Would you Vegan Mom ?

Would you Vegan Mom ?

Is she hot?
>wide hips?
>fat ass?
>big titties?
>flat stomach?
>skinny waist?

>Facial symmetry is like Picaso
>Looks like she got punched by a nigger ex a lot
>Eyes look dead and lifeless, like a herbivorous wild animal (Deer, rabbit, etc)
>Hair looks to be thinning and receding, both at the same time
>Skin looks pallor
>I'm gay

So no, I wouldn't.

>I'm gay
G4u
Invalidates all of your opinions

>Eyes look dead and lifeless, like a herbivorous wild animal (Deer, rabbit, etc)
>Hair looks to be thinning and receding, both at the same time

savage

I would.

Also """gay"""

She could blow me but I'd have to be drunk and probably put a brown paper bag over her head so I could actually get hard.

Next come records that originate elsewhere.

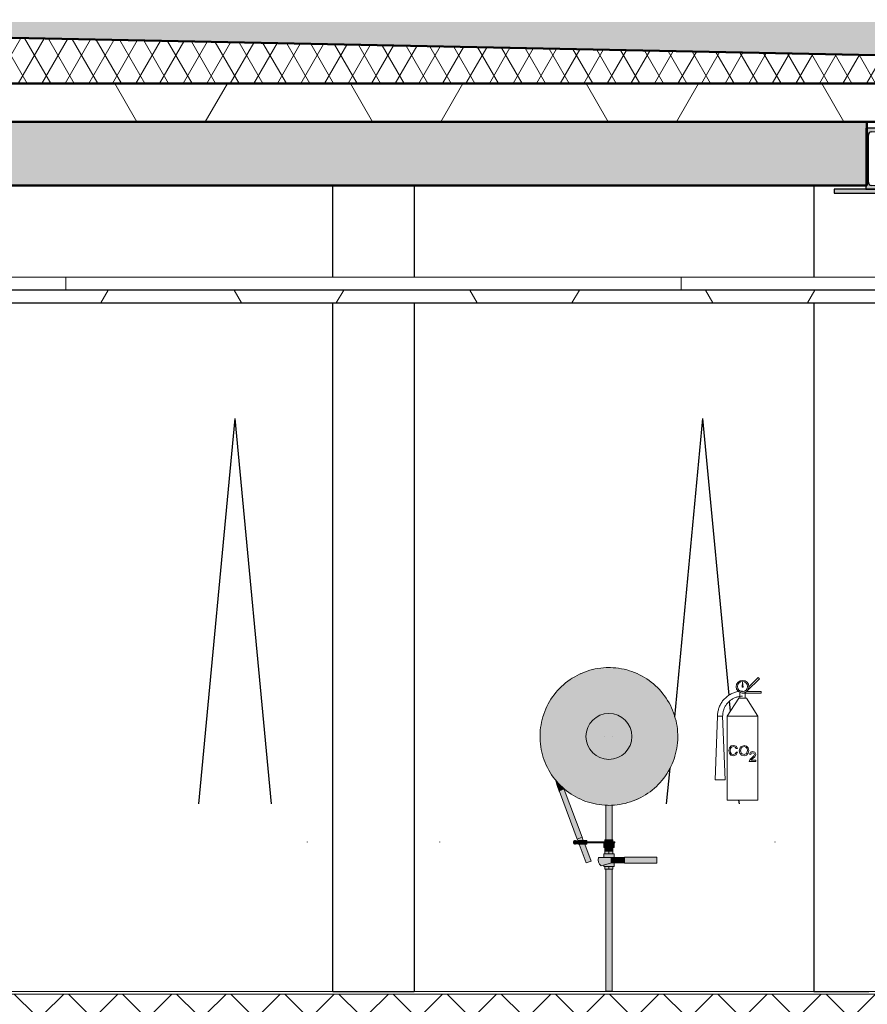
# Model space of a CAD drawing. Extents: x 50445 to 145605, y -10968 to 41989.
# Tile 304 of 338: x 97143 to 100465, y 15637 to 19497. Entities that reach past the tile are written whole.
import ezdxf

# ---------------------------------------------------------------- set-up
doc = ezdxf.new("R2010")
doc.units = 0
doc.header["$LTSCALE"] = 414.30304
doc.header["$MEASUREMENT"] = 0
doc.linetypes.add('stramien', pattern=[22.225, 12.7, -3.175, 3.175, -3.175])
doc.layers.get('0').update_dxf_attribs({"linetype": 'CONTINUOUS'})
for name, color, linetype, lineweight in [('A-CLNG-PATT', 5, 'CONTINUOUS', 25), ('A-CLNG-SUSP', 5, 'CONTINUOUS', 25), ('A-DETL', 5, 'CONTINUOUS', 18), ('A-FLOR-OTLN', 6, 'CONTINUOUS', 18), ('A-FLOR-PATT', 8, 'CONTINUOUS', 50), ('A-GENM', 6, 'CONTINUOUS', 18), ('A-GLAZ', 6, 'CONTINUOUS', 18), ('A-GLAZ-GLAS', 6, 'CONTINUOUS', 25), ('A-ROOF', 4, 'CONTINUOUS', 18), ('A-ROOF-PATT', 8, 'CONTINUOUS', 18), ('I-WALL', 2, 'CONTINUOUS', 25), ('M-EQPT', 2, 'CONTINUOUS', 18), ('P-SANR-FIXT', 6, 'CONTINUOUS', 18), ('S-BEAM', 4, 'CONTINUOUS', 18)]:
    doc.layers.add(name, color=color, linetype=linetype, lineweight=lineweight)
doc.layers.get('A-GLAZ').off()
pattern_1 = [(60, (114825.1, 10064.8), (-692.82, 400), []), (120, (114825.1, 10064.8), (-692.82, -400), [])]

# ---------------------------------------------------------------- blocks, each defined once
blk = doc.blocks.new('65_KA_brandslanghaspel - 65_KA_brandslanghaspel-4929730-plotview doorsnede C C  -  1 op 100')
at = {"layer": 'P-SANR-FIXT'}
for points in [[(18272.8, 5250), (18272.8, 5254), (18217.5, 5259.8), (18164.6, 5277), (18116.5, 5304.8), (18075.1, 5342), (18042.5, 5387), (18019.8, 5437.8), (18008.3, 5496.3), (18008.3, 5547.8), (18020.3, 5603.3), (18044.2, 5655.4), (18075.1, 5698), (18120.6, 5737.6), (18169.7, 5764.6), (18221.5, 5780.6), (18272.8, 5786), (18272.8, 5790), (18211.7, 5782.5), (18157.6, 5763.8), (18105.7, 5730.9), (18098.9, 5725.9), (18072.2, 5700.7), (18038, 5653), (18024.6, 5625.5), (18014.5, 5597.2), (18007.5, 5567.9), (18004.3, 5546.3), (18005.3, 5486.5), (18010.5, 5457.5), (18014.4, 5444.5), (18018, 5431.7), (18023.8, 5416.7), (18042.9, 5379.1), (18061.1, 5353.3), (18070.2, 5342), (18075.1, 5336.9), (18085.2, 5327.4), (18110.4, 5304.8), (18130.7, 5290.8), (18165, 5272.7), (18223.3, 5254.9), (18247.8, 5251.5), (18259.8, 5251.1)], [(18272.8, 5254), (18272.8, 5430), (18242, 5435.4), (18215, 5451.1), (18194.9, 5475), (18184.2, 5504.4), (18184.2, 5535.6), (18194.9, 5565), (18215, 5588.9), (18242, 5604.6), (18272.8, 5610), (18272.8, 5786), (18217.5, 5780.2), (18164.6, 5763), (18116.5, 5735.2), (18075.1, 5698), (18042.5, 5653), (18019.8, 5602.2), (18008.3, 5547.8), (18008.3, 5492.2), (18019.8, 5437.8), (18042.5, 5387), (18075.1, 5342), (18116.5, 5304.8), (18164.6, 5277), (18217.5, 5259.8), (18229.2, 5258.6)], [(18272.8, 5254), (18328.1, 5259.8), (18381, 5277), (18429.2, 5304.8), (18470.5, 5342), (18503.2, 5387), (18525.8, 5437.8), (18537.4, 5492.2), (18537.4, 5547.8), (18525.8, 5602.2), (18503.2, 5653), (18470.5, 5698), (18429.2, 5735.2), (18381, 5763), (18328.1, 5780.2), (18272.8, 5786), (18272.8, 5610), (18303.6, 5604.6), (18330.7, 5588.9), (18350.8, 5565), (18361.5, 5535.6), (18361.5, 5504.4), (18350.8, 5475), (18330.7, 5451.1), (18303.6, 5435.4), (18272.8, 5430), (18272.8, 5281.7)], [(18272.8, 5430), (18296.1, 5433.1), (18317.8, 5442.1), (18336.5, 5456.4), (18350.8, 5475), (18359.8, 5496.7), (18362.8, 5520), (18359.8, 5543.3), (18348.6, 5567.9), (18336.5, 5583.6), (18317.8, 5597.9), (18296.1, 5606.9), (18272.8, 5610), (18249.5, 5606.9), (18227.8, 5597.9), (18209.2, 5583.6), (18194.9, 5565), (18185.9, 5543.3), (18182.8, 5520), (18185.9, 5496.7), (18194.9, 5475), (18209.2, 5456.4), (18229.2, 5441.5), (18249.5, 5433.1)], [(18541.6, 5497.9), (18542.4, 5526.4), (18541.8, 5522.4), (18541.3, 5505.9)], [(18078.5, 5304.9), (18096.9, 5313), (18094, 5319.1), (18068.7, 5344.1), (18065.4, 5347.1), (18078.1, 5306)], [(18149, 5117.8), (18167.7, 5124.8), (18096.9, 5311.9), (18078.5, 5304.8), (18148.9, 5117.9)], [(18272.8, 5115), (18285.3, 5115), (18284.4, 5251.2), (18268.5, 5250.4), (18260.3, 5250), (18260.8, 5115), (18269.6, 5115)], [(18140.3, 5103.3), (18144, 5104), (18140.5, 5104), (18140.1, 5103.4)], [(18141.1, 5105), (18146.1, 5106.7), (18140.5, 5106), (18140.8, 5105.5)], [(18186.2, 5097.5), (18186.2, 5112.5), (18150.5, 5111.5), (18150.5, 5097.5)], [(18193.2, 5103.3), (18191.6, 5105), (18187.7, 5103.3)], [(18191.6, 5105), (18193.2, 5106.7), (18189.3, 5106), (18191.5, 5105)], [(18198.3, 5103.1), (18234.2, 5104), (18234.5, 5105), (18193.9, 5104), (18193.6, 5103.1), (18196.3, 5103.1)], [(18194.2, 5105), (18234.2, 5106), (18233.1, 5106.9), (18193.9, 5106), (18194.1, 5105.5)], [(18272.8, 5085), (18272.8, 5100), (18252.8, 5100), (18252.8, 5085)], [(18292.8, 5085), (18292.8, 5100), (18272.8, 5100), (18272.8, 5085)], [(18242.6, 5012.9), (18280, 5025), (18280, 5045), (18232.5, 5045), (18231.2, 5038), (18231.6, 5030.8), (18233.7, 5024), (18237.5, 5017.9)], [(18296.1, 5025), (18296.1, 5045), (18280, 5045), (18280, 5025)], [(18296.1, 5025), (18333.9, 5025), (18333.9, 5045), (18296.1, 5045)], [(18460.9, 5023), (18460.9, 5047), (18333.9, 5047), (18333.9, 5023)], [(18272.8, 4521.4), (18285.3, 4521.4), (18284.9, 5000), (18260.3, 5000), (18260.8, 4521.4), (18269.6, 4521.4)]]:
    blk.add_hatch(color=256, dxfattribs=at).paths.add_polyline_path(points, flags=0)
h = blk.add_hatch(color=256, dxfattribs=at)
h.paths.add_polyline_path([(18272.8, 5250), (18333, 5257.2), (18388.1, 5276.2), (18439.9, 5309.1), (18446.8, 5314.1), (18473.5, 5339.3), (18507.7, 5387), (18521.1, 5414.5), (18531.2, 5442.8), (18537.7, 5469.1), (18541.3, 5493.7), (18540.4, 5553.5), (18535.1, 5582.5), (18531.3, 5595.5), (18527.6, 5608.3), (18521.9, 5623.3), (18502.8, 5660.9), (18485.4, 5685.8), (18475.4, 5698), (18470.5, 5703.1), (18460.5, 5712.6), (18435.3, 5735.2), (18415, 5749.2), (18380.7, 5767.3), (18322.4, 5785.1), (18297.9, 5788.5), (18272.8, 5788.8), (18272.8, 5786), (18328.1, 5780.2), (18381, 5763), (18429.2, 5735.2), (18470.5, 5698), (18503.2, 5653), (18525.8, 5602.2), (18537.4, 5547.8), (18537.4, 5492.2), (18525.3, 5436.7), (18501.5, 5384.6), (18470.5, 5342), (18425, 5302.4), (18376, 5275.4), (18324.1, 5259.4), (18272.8, 5254), (18272.8, 5251.2)], flags=0)
h.paths.add_polyline_path([(18532.3, 5590.7), (18529.2, 5602.2), (18532.2, 5591.1)], flags=0)
h = blk.add_hatch(color=256, dxfattribs=at)
h.paths.add_polyline_path([(18146.1, 5106.7), (18141.1, 5105), (18140.3, 5106.7), (18145.4, 5106.7)], flags=0)
h.paths.add_polyline_path([(18139.2, 5097.8), (18146.1, 5099.7), (18147.9, 5103.1), (18146.1, 5104), (18146.6, 5106.9), (18148.4, 5107), (18146.1, 5110.6), (18143.1, 5112.3), (18135.9, 5110.3), (18134.7, 5108.8), (18133.7, 5105), (18134.7, 5101.3)], flags=0)
h.paths.add_polyline_path([(18144.3, 5103.3), (18140.1, 5103.4), (18141.2, 5105), (18146.1, 5103.3)], flags=0)
h = blk.add_hatch(color=256, dxfattribs=at)
h.paths.add_polyline_path([(18146.1, 5105), (18150.5, 5106), (18150.5, 5106.9), (18146.1, 5106), (18146.1, 5105)], flags=0)
h.paths.add_polyline_path([(18186.2, 5105), (18187.7, 5106), (18187, 5106.9), (18186.2, 5106), (18186.2, 5105)], flags=0)
h = blk.add_hatch(color=256, dxfattribs=at)
h.paths.add_polyline_path([(18146.1, 5103.1), (18150.5, 5104.1), (18150.5, 5105), (18146.1, 5104), (18146.1, 5103.1)], flags=0)
h.paths.add_polyline_path([(18186.2, 5103.1), (18187.7, 5104), (18186.8, 5105), (18186.2, 5104), (18186.2, 5103.1)], flags=0)
h = blk.add_hatch(color=256, dxfattribs=at)
h.paths.add_polyline_path([(18184.2, 5024.2), (18202.6, 5032.1), (18176.9, 5097.5), (18156.6, 5097.5), (18184.2, 5024.3)], flags=0)
h.paths.add_polyline_path([(18167.2, 5112.5), (18172.3, 5112.5), (18167.4, 5124.7), (18149, 5117.8), (18151.7, 5112.5), (18167, 5112.5)], flags=0)
h = blk.add_hatch(color=256, dxfattribs=at)
h.paths.add_polyline_path([(18193.2, 5106.7), (18193.6, 5106.9), (18234.2, 5106), (18234.5, 5105), (18285.5, 5106), (18284.6, 5107), (18192.8, 5106.7)], flags=0)
h.paths.add_polyline_path([(18194.2, 5105), (18192.9, 5106.4), (18191.6, 5105), (18194.1, 5105)], flags=0)
h.paths.add_polyline_path([(18191.6, 5105), (18187.7, 5105.5), (18187.7, 5105), (18191.2, 5105)], flags=0)
h.paths.add_polyline_path([(18150.5, 5106.9), (18149.3, 5107), (18150.2, 5106.9)], flags=0)
h = blk.add_hatch(color=256, dxfattribs=at)
h.paths.add_polyline_path([(18233, 5103), (18285.5, 5104), (18285.7, 5105), (18234.2, 5104), (18233.1, 5103.1), (18229.2, 5103)], flags=0)
h.paths.add_polyline_path([(18193.2, 5103.3), (18193.6, 5105), (18192.7, 5103.9), (18193, 5103.5)], flags=0)
h.paths.add_polyline_path([(18187.7, 5103.3), (18188.9, 5105), (18187.7, 5103.9), (18187.7, 5103.5)], flags=0)
h = blk.add_hatch(color=256, dxfattribs=at)
h.paths.add_polyline_path([(18256.8, 5070), (18272.8, 5070), (18272.8, 5085), (18256.8, 5085)], flags=0)
h.paths.add_polyline_path([(18256.8, 5100), (18272.8, 5100.4), (18272.8, 5103), (18256.8, 5103), (18256.8, 5100)], flags=0)
h.paths.add_polyline_path([(18256.8, 5107), (18272.8, 5107.8), (18272.8, 5115), (18256.8, 5115), (18256.8, 5110)], flags=0)
h = blk.add_hatch(color=256, dxfattribs=at)
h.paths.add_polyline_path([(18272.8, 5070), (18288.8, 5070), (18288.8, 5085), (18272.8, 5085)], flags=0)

Please post the 10/10 qt3.14's you bang on the regular fampai, i completely believe you

Nah I'm good. Thanks though.

Wood

...

That's what i thought fuccboi

good luck burning in hell for eternity faggot!

>reading comprehension
G4u = good for you
Also, do you know what fucking board you're on kid?

no.

Are you mad that I have sex with more attractive women than you bro? I'd be mad bro.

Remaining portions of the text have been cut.